The present invention relates in general terms to a telecommunications device for sending and receiving waves having wavelength λ, typically used in a spectral range including radio frequencies and microwave frequencies. More particularly, the invention relates to a multiband antenna.
In known manner, the size and the weight of wireless communications systems, such as multimode terminals (terrestrial, satellite) or pocket telephone terminals, are continuously being reduced by ever greater integration of electronic circuits. For example, for pocket telephone terminals, it is desired to improve user mobility. For this purpose, efforts have been made to obtain an antenna of transverse dimensions and of height that are small, the antenna still remaining the bulkiest part of such systems. Furthermore, the appearance of the antenna should not be unsightly for the user, so hiding it completely has also become a priority.
Miniaturizing an antenna influences firstly the resonant frequency of the overall structure, which frequency is offset towards higher frequencies. In addition, miniaturization directly influences the radio properties of the structure, constituted mainly by matching, appearance of the radiation pattern, and passband. Reducing the size of an antenna generally leads to matching that is difficult, a reduction in efficiency, degradation of the radiation pattern associated with high sensitivity to the surroundings, and above all a major decrease in the width of the passband because of a Q factor that is high.
A compromise is generally made between antenna performance (good matching, controlled omnidirectional radiation, large passband) and overall size, complexity of the structure, and cost.
The objective of miniaturization generally leads to superposing two plane type radiating elements, creating a resonant frequency that depends on their dimensions. The planes are connected to a ground plane of dimensions that are larger, but nevertheless as small as possible, thus making it possible in particular to limit the sensitivity of the antenna to the surroundings.
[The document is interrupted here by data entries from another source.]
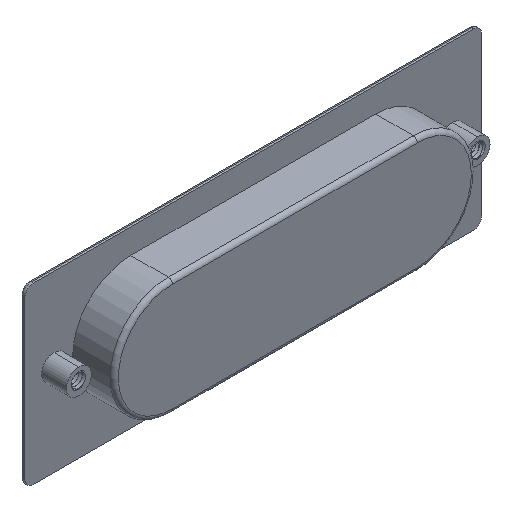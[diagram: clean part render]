
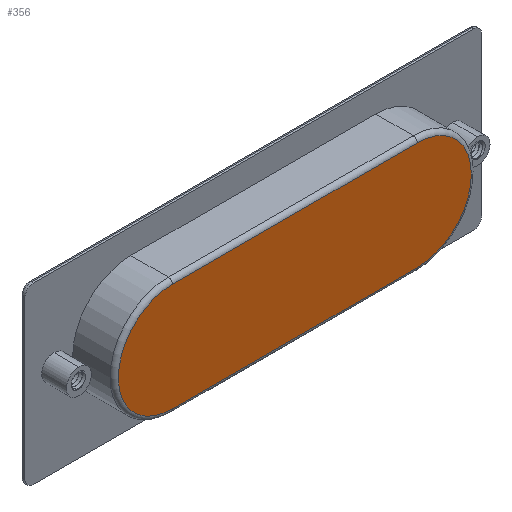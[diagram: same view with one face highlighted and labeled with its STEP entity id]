
A CAD part, isometric view. The second image highlights one B-rep face of the part: STEP entity #356.
In plain terms, the highlighted planar face has unit normal (0, -1, 0).
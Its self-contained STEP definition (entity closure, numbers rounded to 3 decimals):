
#206 = CARTESIAN_POINT ( 'NONE',  ( -29.5, -5., -13. ) ) ;
#332 = CIRCLE ( 'NONE', #4220, 13. ) ;
#356 = ADVANCED_FACE ( 'NONE', ( #880 ), #3895, .F. ) ;
#409 = VERTEX_POINT ( 'NONE', #2079 ) ;
#647 = LINE ( 'NONE', #206, #2619 ) ;
#678 = EDGE_CURVE ( 'NONE', #409, #3782, #3208, .T. ) ;
#774 = AXIS2_PLACEMENT_3D ( 'NONE', #3457, #3041, #2612 ) ;
#826 = ORIENTED_EDGE ( 'NONE', *, *, #2845, .T. ) ;
#880 = FACE_OUTER_BOUND ( 'NONE', #1163, .T. ) ;
#1163 = EDGE_LOOP ( 'NONE', ( #4182, #1665, #1533, #826 ) ) ;
#1231 = DIRECTION ( 'NONE',  ( 0., 0., 1. ) ) ;
#1508 = AXIS2_PLACEMENT_3D ( 'NONE', #2711, #2276, #1826 ) ;
#1533 = ORIENTED_EDGE ( 'NONE', *, *, #2743, .T. ) ;
#1665 = ORIENTED_EDGE ( 'NONE', *, *, #678, .T. ) ;
#1678 = DIRECTION ( 'NONE',  ( 0., -1., 0. ) ) ;
#1766 = VECTOR ( 'NONE', #2355, 1000. ) ;
#1826 = DIRECTION ( 'NONE',  ( 0., 0., 1. ) ) ;
#2079 = CARTESIAN_POINT ( 'NONE',  ( 29.5, -5., 13. ) ) ;
#2118 = CARTESIAN_POINT ( 'NONE',  ( 29.5, -5., 0. ) ) ;
#2276 = DIRECTION ( 'NONE',  ( 0., -1., 0. ) ) ;
#2355 = DIRECTION ( 'NONE',  ( -1., 0., 0. ) ) ;
#2468 = CARTESIAN_POINT ( 'NONE',  ( -29.5, -5., 13. ) ) ;
#2580 = EDGE_CURVE ( 'NONE', #3299, #409, #332, .T. ) ;
#2612 = DIRECTION ( 'NONE',  ( 0., 0., 1. ) ) ;
#2619 = VECTOR ( 'NONE', #4013, 1000. ) ;
#2643 = CIRCLE ( 'NONE', #1508, 13. ) ;
#2711 = CARTESIAN_POINT ( 'NONE',  ( -29.5, -5., 0. ) ) ;
#2743 = EDGE_CURVE ( 'NONE', #3782, #3777, #2643, .T. ) ;
#2784 = CARTESIAN_POINT ( 'NONE',  ( -29.5, -5., 13. ) ) ;
#2845 = EDGE_CURVE ( 'NONE', #3777, #3299, #647, .T. ) ;
#3041 = DIRECTION ( 'NONE',  ( 0., 1., 0. ) ) ;
#3208 = LINE ( 'NONE', #2784, #1766 ) ;
#3299 = VERTEX_POINT ( 'NONE', #3405 ) ;
#3405 = CARTESIAN_POINT ( 'NONE',  ( 29.5, -5., -13. ) ) ;
#3457 = CARTESIAN_POINT ( 'NONE',  ( -29.5, -5., 0. ) ) ;
#3757 = CARTESIAN_POINT ( 'NONE',  ( -29.5, -5., -13. ) ) ;
#3777 = VERTEX_POINT ( 'NONE', #3757 ) ;
#3782 = VERTEX_POINT ( 'NONE', #2468 ) ;
#3895 = PLANE ( 'NONE',  #774 ) ;
#4013 = DIRECTION ( 'NONE',  ( 1., 0., 0. ) ) ;
#4182 = ORIENTED_EDGE ( 'NONE', *, *, #2580, .T. ) ;
#4220 = AXIS2_PLACEMENT_3D ( 'NONE', #2118, #1678, #1231 ) ;

U.S. Pat. No. 5,986,606 discloses a miniature antenna. In the second embodiment described therein, the height of the antenna is about 4.5 millimeters (mm). It comprises a ground plane having superposed thereon in parallel a “lower” rectangular radiating plane, and above that a “upper” rectangular radiating plane of the same dimensions. It has an operating frequency f1. The planes are interconnected by a substantially square short circuit plane at the bottom sides of their widths, and placed beside one of the long sides of said planes. A thin sheet of air fills the space between the bottom plane and the ground plane. Another thin sheet, this time of dielectric material having relative permittivity ∈r greater than 1 fills the space between the lower plane and the upper plane. The upper plane is also connected by a short circuit parallel to the short circuit plane. These short circuits lengthen the electrical length so as to lower the frequency f1. A primary signal source feeds the lower plane. Both planes are thus of the active type. In addition, each of the radiating planes possesses a broad slot made in the width direction, of length shorter than the width. These slots are of the same dimensions, parallel, and made in the same position in each plane which thus becomes C-shaped. Like the short circuit elements, they lengthen the electrical length and thus lower the frequency f1. The “double C” antenna operates at a frequency around 1.5 gigahertz (GHz) with a narrow passband of 0.5% for a standing wave ratio (SWR) less than or equal to 2.
Such an antenna can operate in a “high” frequency range, e.g. corresponding to the digital cellular system (DCS) standard of 1710 megahertz (MHz) to 1880 MHz, or the personal communication system (PCS) standard operating in the range 1850 MHz to 1990 MHz, without, a fortiori, being of two-band nature. Thus, that antenna cannot operate simultaneously in the “high” band and in a “low” frequency band corresponding for example to the global system for mobile communications (GSM) standard (890 MHz to 960 MHz) or to the advanced mobile phone system (AMPS) standard (824 MHz-896 MHz).